Мартин добежал до двери спальни, когда Серена начала сбегать вниз по лестнице. Винсент Грейлинг уже почти дотянулся до её ночной рубашки.
— Серена! — закричал Мартин. — Осторожней на лестнице!
Он не знал, слышала ли она его или нет, но она продолжала быстро сбегать вниз. На трети пути лестница с треском и скрежетом подломилась под её ногами, а затем с шумом обвалилась — подступени раскололись, а ступени стали отрываться от стены одна за другой.

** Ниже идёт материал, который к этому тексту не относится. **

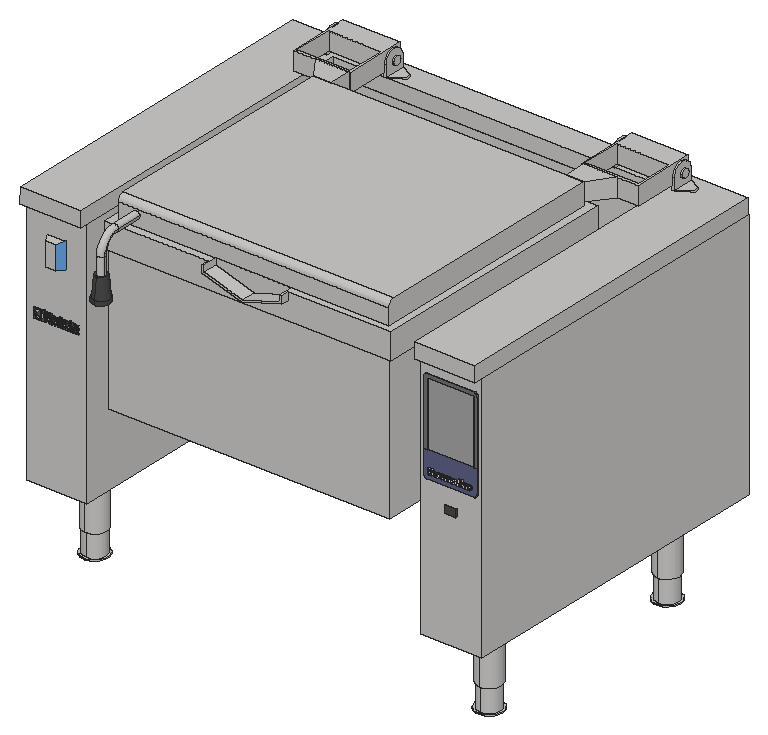
Revit family "QF_ELECTROLUXPROFESSIONAL_587031_PFET09ECUU", category Attrezzature speciali, Revit 2020
Family settings
  Quota connettore circolare = Usa diametro
  Tipo di parte = Normale
  Basato su piano di lavoro = No
  Sempre verticale = Sì
  Taglio con vuoti quando caricato = No
  Condiviso = No
  Punto di calcolo locali = No
Parameters (values of type "Standard")
  Weight = 240.00 kg
  Watts = 15500 W
  Volts = 208 V
  URL Manufacturer = "https://www.electroluxprofessional.com/"
  URL = "https://www.electroluxprofessional.com/"
  Steam Supply Size = 0 mm
  Steam Supply Minimum Pressure = 0.0 Pa
  Steam Supply Maximum Pressure = 0.0 Pa
  Steam Consumption per Hour = 0
  Refrigeration Suction Line Size = 0.0 mm
  Refrigeration Liquid Line Size = 0.0 mm
  Refrigerant Compressor Remote = yes
  Prospetto di default = 0.0 mm
  Produttore = "Electrolux Professional"
  Phase = 3
  Modello = "PFET09ECUU"
  Length Actual = 1200.0 mm  # constant formula
  Item Number = "587031"
  Hot Water Size = 12.7 mm
  Height Actual = 700.0 mm  # constant formula
  HP = "20.8 HP"
  Gas Size = 0 mm
  Gas KW = 0
  Gas Input Pressure = 0 W
  Direct Waste Size = 0 mm
  Descrizione = "ELECTRIC  TILTING BRAISING PAN,90L/24GAL,208V,COMPOUND(H),FS,USA"
  Depth Actual = 900.0 mm  # constant formula
  Cycle = 60 Hz
  Condensate Return Size = 0 mm
  Compressed Air Volume = 0.0 L/s
  Compressed Air Size = 0 mm
  Compressed Air Pressure = 0.0 Pa
  Cold Water Size = 12.7 mm
  Accessory = yes
Reference planes
  plane 1 "Center (Front/Back)": y = 0
  plane 2: z = 0
  plane 3 "Center (Left/Right)": x = 0
  plane 4 "LEFT": x = -600
  plane 5 "RIGHT": x = 600
  plane 6 "BACK": y = 450
  plane 7 "FRONT": y = -450
  plane 8 "Base": z = 200
  plane 9 "TOP": z = 900
  plane 10: x = -440
  plane 11: x = 440
  plane 12 "Axe_PentolaY": y = -230
  plane 13 "AxePentolaZ": z = 730
  plane 14 "PLANE_TOP": z = 860
  plane 15: y = 380
  plane 16: z = 833
  plane 17: z = 455
  plane 18: z = 293
  plane 19: y = -470
  plane 20 "CentroPentolaY": y = -158
  plane 21 "TopCoperchio": z = 958
  plane 22 "Versamento": z = 910
  plane 23 "V1": through (-107.18, -558, 4000) normal (-0.7071, -0.7071, 0)
  plane 24 "V2": through (107.18, -558, 4000) normal (-0.7071, 0.7071, 0)
  plane 25 "Gfront": y = -1300
  plane 26 "LEVEL": through (-245.562, -289.383, 4000) normal (0.866, 0.5, 0)
  plane 27 "GRight": x = 250
  plane 28 "GLeft": x = -250
  plane 29 "Gback": y = -100
  plane 30: z = 1845
  plane 31 "Ribaltamento": y = -521
  plane 32 "AxeL": x = -520
  plane 33 "AxeR": x = 520
  plane 34 "Pentola_Back": y = 226
  plane 35 "Pentola_L": x = -370.5
  plane 36 "Pentola_R": x = 370.5
  plane 37: x = -310.5
  plane 38 "axeC1": x = -380
  plane 39 "axeC2": x = 380
Forms (mm)
  Revolve 1, solid, material "QF_Finishes_Stainless Steel"
    sketch origin (0, 0, 730) x (-1, 0, 0) y (0, -1, 0)
      loop
        line (440, 230) -> (-440, 230) -> (-440, 140) -> (-430, 140) -> (-430, 173) -> (430, 173) -> (430, 140) -> (440, 140) -> (440, 230)
      axis (440, 230) -> (-440, 230)
    angle from 0 to 360
  Extrusion 2, solid, material "QF_Finishes_Stainless Steel"
    sketch origin (0, 0, 860) x (-1, 0, 0) y (0, -1, 0)
      loop
        line (600, 450) -> (440, 450) -> (440, -380) -> (-440, -380) -> (-440, 450) -> (-600, 450) -> (-600, -450) -> (600, -450) -> (600, 450)
    from 0 to 40
  Extrusion 3, solid, material "QF_Finishes_Stainless Steel"
    sketch origin (0, 0, 860) x (-1, 0, 0) y (0, -1, 0)
      loop
        line (440, -380) -> (-440, -380) -> (-440, -450) -> (440, -450) -> (440, -380)
    from 0 to -360
  Extrusion 4, solid, material "QF_Finishes_Stainless Steel"
    sketch origin (-380, 0, 0) x (0, 1, 0) y (0, 0, 1)
      loop
        line (433.242, 900) -> (433.242, 931.379)
        arc (433.242, 931.379) -> (406.621, 958) -> (380, 931.379) r 26.621
        line (380, 931.379) -> (380, 900) -> (433.242, 900)
    from 75 to 82
  Extrusion 5, solid, material "QF_Finishes_Stainless Steel"
    sketch origin (-380, 0, 900) x (0, 1, 0) y (-1, 0, 0)
      loop
        arc (395.936, -111.185) -> (406.621, -117.525) -> (417.305, -111.185) r 12.174
        line (417.305, -111.185) -> (433.242, -82) -> (380, -82) -> (395.936, -111.185)
      loop
        line (395.936, 111.185) -> (380, 82) -> (433.242, 82) -> (417.305, 111.185)
        arc (417.305, 111.185) -> (406.621, 117.525) -> (395.936, 111.185) r 12.174
    from 0 to 3
  Extrusion 6, solid, material "QF_Door-Drawer Clearances", detail levels coarse
    sketch origin (0, 0, 0) x (0, 1, 0) y (0, 0, 1)
      loop
        line (-415, 958) -> (420, 958) -> (209.062, 1745.23) -> (194.574, 1741.347) -> (180.687, 1793.174)
        arc (180.687, 1793.174) -> (156.279, 1828.463) -> (116.687, 1845) r 76.299
        arc (116.687, 1845) -> (-327.776, 1502.756) -> (-519.112, 975.434) r 1003.531
        line (-519.112, 975.434) -> (-430, 943)
        arc (-430, 943) -> (-425.607, 953.607) -> (-415, 958) r 15
      loop
        arc (-470, 900) -> (-521.02, 709.615) -> (-444, 528.183) r 302.677
        line (-444, 528.183) -> (-444, 833) -> (-450, 833) -> (-450, 847.898) -> (-470, 847.898) -> (-470, 900)
    from 105 to -105
  Extrusion 7, solid, material "QF_Finishes_Stainless Steel"
    sketch origin (0, 0, 0) x (0, 1, 0) y (0, 0, 1)
      loop
        line (226, 833) -> (-444, 833) -> (-444, 455) -> (226, 455) -> (226, 833)
    from -370.5 to 370.5
  Extrusion 8, solid, material "QF_Finishes_Stainless Steel"
    sketch origin (0, 0, 0) x (0, 1, 0) y (0, 0, 1)
      loop
        line (232, 833) -> (232, 900) -> (-450, 900) -> (-450, 833) -> (232, 833)
    from -376.5 to 376.5
  Extrusion 9, void
    sketch origin (0, -450, 0) x (-1, 0, 0) y (0, 0, 1)
      loop
        line (-105, 900) -> (-105, 880) -> (0, 847.898) -> (105, 880) -> (105, 900) -> (-105, 900)
    from 0 to 20
  Extrusion 10, solid, material "QF_Finishes_Stainless Steel"
    sketch origin (0, 0, 0) x (0, 1, 0) y (0, 0, 1)
      loop
        line (212, 958) -> (-415, 958)
        arc (-415, 958) -> (-425.607, 953.607) -> (-430, 943) r 15
        line (-430, 943) -> (-430, 900) -> (212, 900) -> (212, 958)
    from -356.5 to 356.5
  Extrusion 11, solid, material "QF_Finishes_Stainless Steel"
    sketch origin (0, -450, 0) x (-1, 0, 0) y (0, 0, 1)
      loop
        line (105, 880) -> (105, 900) -> (100, 900) -> (100, 883.7) -> (0, 853.127) -> (-100, 883.7) -> (-100, 900) -> (-105, 900) -> (-105, 880) -> (0, 847.898) -> (105, 880)
    from -20 to 20
  Extrusion 12, solid, material "QF_Finishes_Stainless Steel"
    sketch origin (-380, 0, 0) x (0, 1, 0) y (0, 0, 1)
      loop
        line (433.242, 900) -> (433.242, 931.379)
        arc (433.242, 931.379) -> (406.621, 958) -> (380, 931.379) r 26.621
        line (380, 931.379) -> (380, 900) -> (433.242, 900)
    from -82 to -75
  Extrusion 13, solid, material "QF_Finishes_Stainless Steel"
    sketch origin (0, 0, 900) x (0, 1, 0) y (-1, 0, 0)
      loop
        line (433.242, 305) -> (433.242, 455) -> (270, 455) -> (270, 305) -> (433.242, 305)
      loop
        line (275, 450) -> (275, 310) -> (380, 310) -> (380, 450) -> (275, 450)
    from 10 to 58
  Extrusion 14, solid, material "QF_Finishes_Stainless Steel"
    sketch origin (-380, 0, 0) x (0, 1, 0) y (0, 0, 1)
      loop
        circle (406.621, 931.379) r 10
    from 82 to 89
  Extrusion 15, solid, material "QF_Finishes_Stainless Steel"
    sketch origin (-380, 0, 0) x (0, 1, 0) y (0, 0, 1)
      loop
        circle (406.621, 931.379) r 10
    from -82 to -89
  Extrusion 16, solid, material "QF_Finishes_Stainless Steel"
    sketch origin (380, 0, 900) x (0, 1, 0) y (-1, 0, 0)
      loop
        arc (395.936, -111.185) -> (406.621, -117.525) -> (417.305, -111.185) r 12.174
        line (417.305, -111.185) -> (433.242, -82) -> (380, -82) -> (395.936, -111.185)
      loop
        line (395.936, 111.185) -> (380, 82) -> (433.242, 82) -> (417.305, 111.185)
        arc (417.305, 111.185) -> (406.621, 117.525) -> (395.936, 111.185) r 12.174
    from 0 to 3
  Extrusion 17, solid, material "QF_Finishes_Stainless Steel"
    sketch origin (380, 0, 0) x (0, 1, 0) y (0, 0, 1)
      loop
        circle (406.621, 931.379) r 10
    from 82 to 89
  Extrusion 18, solid, material "QF_Finishes_Stainless Steel"
    sketch origin (380, 0, 0) x (0, 1, 0) y (0, 0, 1)
      loop
        circle (406.621, 931.379) r 10
    from -82 to -89
  Extrusion 19, solid, material "QF_Finishes_Stainless Steel"
    sketch origin (0, 0, 900) x (0, 1, 0) y (-1, 0, 0)
      loop
        line (433.242, -305) -> (270, -305) -> (270, -455) -> (433.242, -455) -> (433.242, -305)
      loop
        line (275, -450) -> (380, -450) -> (380, -310) -> (275, -310) -> (275, -450)
    from 10 to 58
  Extrusion 20, solid, material "QF_Finishes_Stainless Steel"
    sketch origin (380, 0, 0) x (0, 1, 0) y (0, 0, 1)
      loop
        line (433.242, 900) -> (433.242, 931.379)
        arc (433.242, 931.379) -> (406.621, 958) -> (380, 931.379) r 26.621
        line (380, 931.379) -> (380, 900) -> (433.242, 900)
    from 75 to 82
  Extrusion 21, solid, material "QF_Finishes_Stainless Steel"
    sketch origin (380, 0, 0) x (0, 1, 0) y (0, 0, 1)
      loop
        line (433.242, 900) -> (433.242, 931.379)
        arc (433.242, 931.379) -> (406.621, 958) -> (380, 931.379) r 26.621
        line (380, 931.379) -> (380, 900) -> (433.242, 900)
    from -82 to -75
  Extrusion 22, solid, material "QF_Finishes_Stainless Steel"
    sketch origin (0, 0, 900) x (0, 1, 0) y (-1, 0, 0)
      loop
        line (270, 310.5) -> (270, 397.112) -> (212, 356.5) -> (212, 310.5) -> (270, 310.5)
      loop
        line (270, -310.5) -> (212, -310.5) -> (212, -356.5) -> (270, -397.112) -> (270, -310.5)
    from 10 to 58
Cuts and joins
  Extrusion 9 cuts Extrusion 8
  joined: Extrusion 8, Extrusion 11
Lines and regions (mm)
  symbolic lines
    curve 1: line (600, 450, 900) -> (-600, 450, 900)
    curve 2: line (600, -450, 900) -> (600, 450, 900)
    curve 3: line (-600, 450, 900) -> (-600, -450, 900)
    curve 4: line (-600, -450, 900) -> (-440, -450, 900)
    curve 5: line (-440, -450, 900) -> (-440, 270, 900)
    curve 6: line (440, -450, 900) -> (600, -450, 900)
    curve 7: line (430, -140, 900) -> (430, -320, 900)
    curve 8: line (-430, -140, 900) -> (-430, -320, 900)
    curve 9: line (-430, -140, 900) -> (-440, -140, 900)
    curve 10: line (-430, -320, 900) -> (-440, -320, 900)
    curve 11: line (430, -140, 900) -> (440, -140, 900)
    curve 12: line (430, -320, 900) -> (440, -320, 900)
    curve 18: line (462, 380, 900) -> (455, 380, 900)
    curve 19: line (-430, -172.761, 900) -> (-375.169, -172.761, 900)
    curve 20: line (-430, -286.868, 900) -> (-376.5, -286.868, 900)
    curve 21: line (430, -172.761, 900) -> (376.5, -172.761, 900)
    curve 22: line (430, -286.868, 900) -> (376.5, -286.868, 900)
    curve 48: line (-356.5, -430, 900) -> (356.5, -430, 900)
    curve 49: line (-301.5, -450, 900) -> (-100, -450, 900)
    curve 55: line (100, -450, 900) -> (376.5, -450, 900)
    curve 56: line (-455, 270, 900) -> (-305, 270, 900)
    curve 57: line (-397.112, 270, 900) -> (-356.5, 212, 900)
    curve 58: line (-310.5, 212, 900) -> (-310.5, 232, 900)
    curve 59: line (-305, 270, 900) -> (-305, 433.242, 900)
    curve 60: line (-310, 275, 900) -> (-450, 275, 900)
    curve 61: line (-455, 433.242, 900) -> (-455, 270, 900)
    curve 62: line (-450, 275, 900) -> (-450, 380, 900)
    curve 63: line (-310, 380, 900) -> (-310, 275, 900)
    curve 64: line (-298, 380, 900) -> (-268.815, 395.936, 900)
    curve 65: line (-268.815, 417.305, 900) -> (-298, 433.242, 900)
    curve 66: arc (-268.815, 395.936, 900) -> (-262.475, 406.621, 900) -> (-268.815, 417.305, 900) r 12.174
    curve 67: line (-298, 380, 900) -> (-298, 433.242, 900)
    curve 68: line (-291, 396.621, 900) -> (-291, 416.621, 900)
    curve 69: line (-305, 433.242, 900) -> (-462, 433.242, 900)
    curve 70: line (-469, 416.621, 900) -> (-469, 396.621, 900)
    curve 71: line (-491.185, 395.936, 900) -> (-462, 380, 900)
    curve 72: arc (-491.185, 417.305, 900) -> (-497.525, 406.621, 900) -> (-491.185, 395.936, 900) r 12.174
    curve 73: line (-462, 433.242, 900) -> (-491.185, 417.305, 900)
    curve 74: line (-462, 433.242, 900) -> (-462, 380, 900)
    curve 75: arc (491.185, 395.936, 900) -> (497.525, 406.621, 900) -> (491.185, 417.305, 900) r 12.174
    curve 76: line (462, 380, 900) -> (491.185, 395.936, 900)
    curve 77: line (491.185, 417.305, 900) -> (462, 433.242, 900)
    curve 78: line (462, 380, 900) -> (462, 433.242, 900)
    curve 79: line (469, 396.621, 900) -> (469, 416.621, 900)
    curve 80: line (455, 270, 900) -> (455, 380, 900)
    curve 81: line (450, 380, 900) -> (450, 275, 900)
    curve 82: line (310, 275, 900) -> (310, 380, 900)
    curve 83: line (305, 433.242, 900) -> (305, 380, 900)
    curve 84: line (450, 275, 900) -> (310, 275, 900)
    curve 85: line (455, 270, 900) -> (305, 270, 900)
    curve 86: line (268.815, 395.936, 900) -> (298, 380, 900)
    curve 87: line (298, 433.242, 900) -> (268.815, 417.305, 900)
    curve 88: arc (268.815, 417.305, 900) -> (262.475, 406.621, 900) -> (268.815, 395.936, 900) r 12.174
    curve 89: line (291, 416.621, 900) -> (291, 396.621, 900)
    curve 90: line (298, 433.242, 900) -> (298, 380, 900)
    curve 91: line (356.5, 212, 900) -> (397.112, 270, 900)
    curve 92: line (310.5, 270, 900) -> (310.5, 212, 900)
    curve 93: line (-310.5, 232, 900) -> (-310.5, 270, 900)
    curve 94: line (-370.504, 232, 900) -> (-376.5, 232, 900)
    curve 95: line (310.5, 232, 900) -> (-310.5, 232, 900)
    curve 96: line (-469, 416.621, 900) -> (-462, 416.621, 900)
    curve 97: line (-469, 396.621, 900) -> (-462, 396.621, 900)
    curve 98: line (-291, 416.621, 900) -> (-298, 416.621, 900)
    curve 99: line (-291, 396.621, 900) -> (-298, 396.621, 900)
    curve 100: line (291, 396.621, 900) -> (298, 396.621, 900)
    curve 101: line (291, 416.621, 900) -> (298, 416.621, 900)
    curve 102: line (469, 416.621, 900) -> (462, 416.621, 900)
    curve 103: line (469, 396.621, 900) -> (462, 396.621, 900)
    curve 104: line (298, 433.242, 900) -> (462, 433.242, 900)
    curve 105: line (-450, 380, 900) -> (-310, 380, 900)
    curve 106: line (305, 380, 900) -> (305, 270, 900)
    curve 107: line (305, 380, 900) -> (-305, 380, 900)
    curve 108: line (450, 380, 900) -> (310, 380, 900)
    curve 109: line (455, 380, 900) -> (455, 433.242, 900)
    curve 110: line (440, 270, 900) -> (440, -450, 900)
    curve 111: line (-462, 380, 900) -> (-455, 380, 900)
  symbolic lines, style "SpecialityEquipmentHiddenLines"
    curve 13: line (-250, -1300, 900) -> (250, -1300, 900)
    curve 14: line (-250, -100, 900) -> (-250, -1300, 900)
    curve 15: line (250, -100, 900) -> (-250, -100, 900)
    curve 16: line (250, -1300, 900) -> (250, -100, 900)
    curve 39: line (0, -1165.484, 900) -> (0, -1135.484, 900)
    curve 40: line (-15, -1150.484, 900) -> (15, -1150.484, 900)
  symbolic lines, style "SpecialityEquipment"
    curve 17: circle (0, -1150.484, 900) r 15 normal (0, 0, 1)
    curve 23: line (210, -1300, 900) -> (210, -1100, 900)
    curve 24: line (170, -1300, 900) -> (170, -1140, 900)
    curve 25: line (130, -1300, 900) -> (130, -1180, 900)
    curve 26: line (90, -1300, 900) -> (90, -1220, 900)
    curve 27: line (90, -1260, 900) -> (250, -1260, 900)
    curve 28: line (130, -1220, 900) -> (250, -1220, 900)
    curve 29: line (170, -1180, 900) -> (250, -1180, 900)
    curve 30: line (210, -1140, 900) -> (250, -1140, 900)
    curve 31: line (-210, -1300, 900) -> (-210, -1100, 900)
    curve 32: line (-170, -1300, 900) -> (-170, -1140, 900)
    curve 33: line (-130, -1300, 900) -> (-130, -1180, 900)
    curve 34: line (-90, -1300, 900) -> (-90, -1220, 900)
    curve 35: line (-90, -1260, 900) -> (-250, -1260, 900)
    curve 36: line (-130, -1220, 900) -> (-250, -1220, 900)
    curve 37: line (-170, -1180, 900) -> (-250, -1180, 900)
    curve 38: line (-210, -1140, 900) -> (-250, -1140, 900)
    curve 41: line (-356.5, 212, 900) -> (-356.5, -430, 900)
    curve 42: line (356.5, -430, 900) -> (356.5, 212, 900)
    curve 43: line (356.5, 212, 900) -> (-356.5, 212, 900)
    curve 44: line (-376.5, 232, 900) -> (-376.5, -450, 900)
    curve 45: line (376.5, 232, 900) -> (370.504, 232, 900)
    curve 46: line (-376.5, -450, 900) -> (-319.5, -450, 900)
    curve 47: line (376.5, -450, 900) -> (376.5, 232, 900)
    curve 50: line (-100, -430, 900) -> (-100, -470, 900)
    curve 51: line (-105, -470, 900) -> (105, -470, 900)
    curve 52: line (100, -470, 900) -> (100, -430, 900)
    curve 53: line (105, -470, 900) -> (105, -450, 900)
    curve 54: line (-105, -450, 900) -> (-105, -470, 900)
Dimensions and locks
  plane 4 "LEFT" to plane 5 "RIGHT" = 1200.0 mm
  equal spacing: plane 4 "LEFT", plane 3 "Center (Left/Right)", plane 5 "RIGHT"
  equal spacing: plane 6 "BACK", plane 1 "Center (Front/Back)", plane 7 "FRONT"
  plane 6 "BACK" to plane 7 "FRONT" = 900.0 mm
  plane 8 "Base" to level = 200.0 mm
  plane 9 "TOP" to level = 900.0 mm
  plane 9 "TOP" to plane 8 "Base" = 700.0 mm
  locked: plane 4 "LEFT" to plane 10 at 160
  locked: plane 11 to plane 5 "RIGHT" at 160
  locked: plane 6 "BACK" to plane 12 "Axe_PentolaY" at 680
  locked: plane 13 "AxePentolaZ" to plane 8 "Base" at 530
  locked: Revolve 1 sketch curve to Revolve 1 sketch curve at 57
  locked: Revolve 1 sketch curve to Revolve 1 sketch curve at 90
  locked: plane 10 to Revolve 1 sketch curve at 10
  locked: Revolve 1 sketch curve to plane 11 at 10
  locked: plane 9 "TOP" to plane 14 "PLANE_TOP" at 40
  plane 6 "BACK" to plane 15 = 70.0 mm
  locked: plane 16 to plane 13 "AxePentolaZ" at 103
  locked: plane 13 "AxePentolaZ" to plane 17 at 275
  locked: plane 17 to plane 18 at 162
  plane 6 "BACK" to plane 19 = 920.0 mm
  locked: plane 6 "BACK" to plane 20 "CentroPentolaY" at 608
  locked: plane 21 "TopCoperchio" to plane 9 "TOP" at 58
  locked: plane 22 "Versamento" to level at 910
  plane 6 "BACK" to plane 25 "Gfront" = 1750.0 mm
  locked: plane 28 "GLeft" to plane 3 "Center (Left/Right)" at 250
  locked: plane 3 "Center (Left/Right)" to plane 27 "GRight" at 250
  plane 6 "BACK" to plane 29 "Gback" = 550.0 mm
  plane 30 to plane 9 "TOP" = 945.0 mm
  plane 6 "BACK" to plane 31 "Ribaltamento" = 971.0 mm
  equal spacing: plane 10, plane 32 "AxeL", plane 4 "LEFT"
  equal spacing: plane 5 "RIGHT", plane 33 "AxeR", plane 11
  locked: plane 36 "Pentola_R" to plane 35 "Pentola_L" at 741
  equal spacing: plane 36 "Pentola_R", plane 3 "Center (Left/Right)", plane 35 "Pentola_L"
  locked: Extrusion 8 sketch curve to plane 34 "Pentola_Back" at 6
  plane 34 "Pentola_Back" to plane 12 "Axe_PentolaY" = 456.0 mm
  locked: plane 37 to plane 35 "Pentola_L" at 60
  plane 4 "LEFT" to plane 38 "axeC1" = 220.0 mm
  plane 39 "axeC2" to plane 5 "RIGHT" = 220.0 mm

Серена рухнула в пространство под ступенями, всё ещё прижимая к себе Сильвию. Она не кричала. Не издала ни звука. В своей ночной рубашке она походила на падающего ангела, пока её не пронзила обрезанная газовая труба, торчащая вертикально из пола подвала. Она резко остановилась: её руки и ноги взметнулись вверх, и кровь хлынула из её рта. Она уронила Сильвию куда-то в темноту, и Сильвия тоже не издала ни звука, — по крайней мере, Мартин ничего не услышал.
Фигура Винсента Грейлинга развернулась и уставилась на него белыми глазами-негативами. Мартин чувствовал, что тот хочет что-то сказать. Ему показалось, что он услышал какой-то мучительный хрип. Но затем запись в кабинете внезапно кончилась, Винсент Грейлинг растворился, и Мартин услышал лишь хссс-клик! хссс-клик! хссс-клик!
Дрожа от потрясения, он спустился через лестницу в подвал, цепляясь за перила. Он посмотрел на Серену — она несомненно была мертва. Её босые ступни весели в десяти дюймах от пола. Спереди на ночной рубашке растеклось кровавое пятно, а бледно-голубые глаза уставились в пустоту.
Он нашёл Сильвию в картонной коробке, набитой запасными электрическими вилками и адаптерами. Её глаза тоже были открыты и тоже смотрели в пустоту.
Лишь через три недели после похорон Мартин нашёл в себе силы вернуться в кабинет и снять пластинку «Дитя» с вертушки. Он сел за стол, держа её обеими руками, и у него возникло непреодолимое желание сгибать её вперёд и назад, пока она не треснет посередине.
Но ему было необходимо понять, почему призрак Винсента Грейлинга появился в тот вечер и почему он был убеждён, что Сильвия — это Вера. Вера, без сомнений, прожила до шести лет. Она не была новорожденной.
Он снова вытащил записную книжку Винсента Грейлинга и начал читать. Постепенно, расшифровывая неразборчивый почерк, он стал осознавать, что же произошло, и почему Винсент Грейлинг был более великим нейробиологом, чем любой из его коллег мог себе представить. Более великим, чем Маркс, Цитович, Паттерсон или Гейдель.
Винсент Грейлинг выяснил, как стимулировать свои собственные чувства с помощью звука, чтобы разные шумы могли заставить его видеть, слышать и пробовать на вкус вещи, которых не существовало на самом деле. Когда кто-то говорил «синий», он не только мог почувствовать вкус чернил в своём рту, но и увидеть бутылочку с чернилами, дотронуться до неё или даже разлить чернила, а наблюдатель при этом не увидел бы ни следа. Он не только мог видеть Веру, когда проигрывал звуки, стимулирующие мысли о Вере, — он мог держать её, целовать её и разговаривать с ней. Для него, только для него, она становилась настоящей.